Review: American Dad “The Hall Monitor and the Lunch Lady”

Who’s running the sawdust game at Pearl Bailey High School?

Overview:

Klaus has secured a new job as a lunch lady at Steve’s school.  But, when the children continue to get sick from the food, a conspiracy begins to unfold.  Steve goes undercover as a hall monitor to unravel the mystery that involves poisoning the children and sawdust.  When he ends up over his head, Steve takes to his new popularity as part of the hall monitors and has a difficult time choosing between doing what’s right or protecting his new friends.

Meanwhile, Stan and Roger take to a new hobby of mall-walking.  But, when they see something horrifying involving the escalator, they are both completely frozen by shock.  Francine and Hayley try to shake them out of their trance but may be in for more than they bargained for.

 

Our Take:

What can a show that has been running into its fourteenth season do to keep fresh?  There is nothing as good as shaking up the genre and bringing in a new formula.  American Dad has often gone with a mystery element to help keep people interested, and it is usually an enjoyable story.  Unfortunately, the solution to the mystery is hand fed to us about half-way through this episode and takes a turn for a thriller/action plot.

Watching Steve’s transition from a school nerd to a popular hard-ass hall monitor was probably the most entertaining part of this episode.  Though, it also helped me to narrow down a problem that I have had with this series for a long time.  Steve is a very generic character that fails to stand out in a world where we have an endless supply of unique and lovable fictional characters.  In fact, almost all of the characters of American Dad have little unique to offer.  Sure, they have something about them that separates them from one another, but little more about them helps them to stand out.  What I mean is, you could take nearly any other central cast member and plop them in Steve’s place in this story, and little more than setting would change.  Unlike what would happen in a Family Guy or an episode of The Simpsons where changing a character like that would drastically impact the direction of the plot.

There was nothing added to this episode by the b-story.  For extended shots, Stan and Roger are completely lifeless on screen, which translates to dead air instead of the intended humour.  As their story progresses, nothing else really happens to them.  Where they could have been taken on a crazy adventure through the city frozen like statues, unaware of what is happening to them, in place, they are taken home, returned to the mall, and the problem is never truly solved.  The joke here could have been told in about thirty seconds.  Attempting to extend this event out to fill a third of a show is straight-up lazy writing.

There were some saving graces for this episode.  A fifth detective Turlington is brought into this show, this one under the given name Hank.  Hank Turlington investigates the school’s businesses and does so while undercover as a female social studies teacher.  Billy, the strange creation of Dr.

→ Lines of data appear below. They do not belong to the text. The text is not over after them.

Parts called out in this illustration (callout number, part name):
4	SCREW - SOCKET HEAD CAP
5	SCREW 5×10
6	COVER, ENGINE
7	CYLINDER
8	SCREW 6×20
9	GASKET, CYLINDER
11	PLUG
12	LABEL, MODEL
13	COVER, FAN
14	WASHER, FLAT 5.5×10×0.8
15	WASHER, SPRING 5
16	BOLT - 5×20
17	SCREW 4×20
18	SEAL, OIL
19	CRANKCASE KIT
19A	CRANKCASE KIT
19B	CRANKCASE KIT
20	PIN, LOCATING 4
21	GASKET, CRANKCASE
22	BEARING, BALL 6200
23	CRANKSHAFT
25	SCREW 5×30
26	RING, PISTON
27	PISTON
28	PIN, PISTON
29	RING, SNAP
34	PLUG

Kalgary is probably my favourite character on the show, and he has a lot to offer the humour of this story, including giving away the full-plot in a premonition early in the episode.  Unfortunately, the side characters were not enough to add enough substantial humour to an otherwise dull episode.

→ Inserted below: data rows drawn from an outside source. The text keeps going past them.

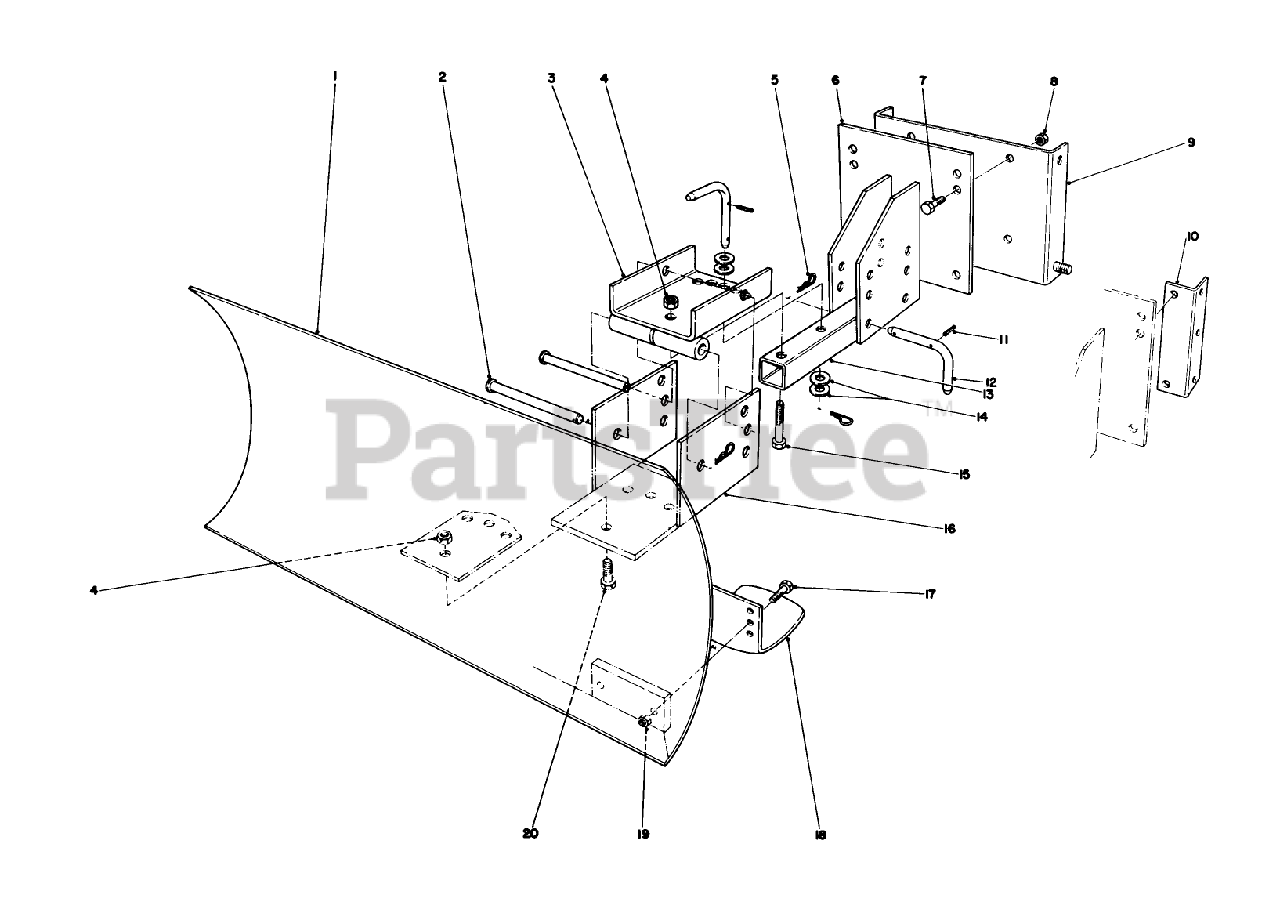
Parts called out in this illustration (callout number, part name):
1	Blade
2	PIN-CLEVIS
3	Swivel Bracket
4	1/2-13 CONELOCK NUT
5	PIN-HAIR
6	Mounting Plate
7	SCREW-HH
8	NUT-LOCK, CONE
9	Mounting Plate (Used with 826 & 1132 Units only)
10	Mounting Rail (used with 421 units only)
11	PIN-SPRING
12	Pivot Pin (Incl. Ref. #11)
13	Blade Tongue
14	WASHER-FLAT
15	SCREW-HH
16	Blade Adjustment
17	SCREW-HH
19	NUT-LOCK, CONE
20	SCREW-HH

This review might come out as dramatically negative, but there was a lot of elements to this episode that don’t hold up.  For a series to be running for nearly a decade-and-a-half, expectations should be higher for character and plot development.  There just wasn’t anything in this episode that was unique or interesting enough to make up for the lack of humour.  That b-story full of dead space really took the life out of the whole episode.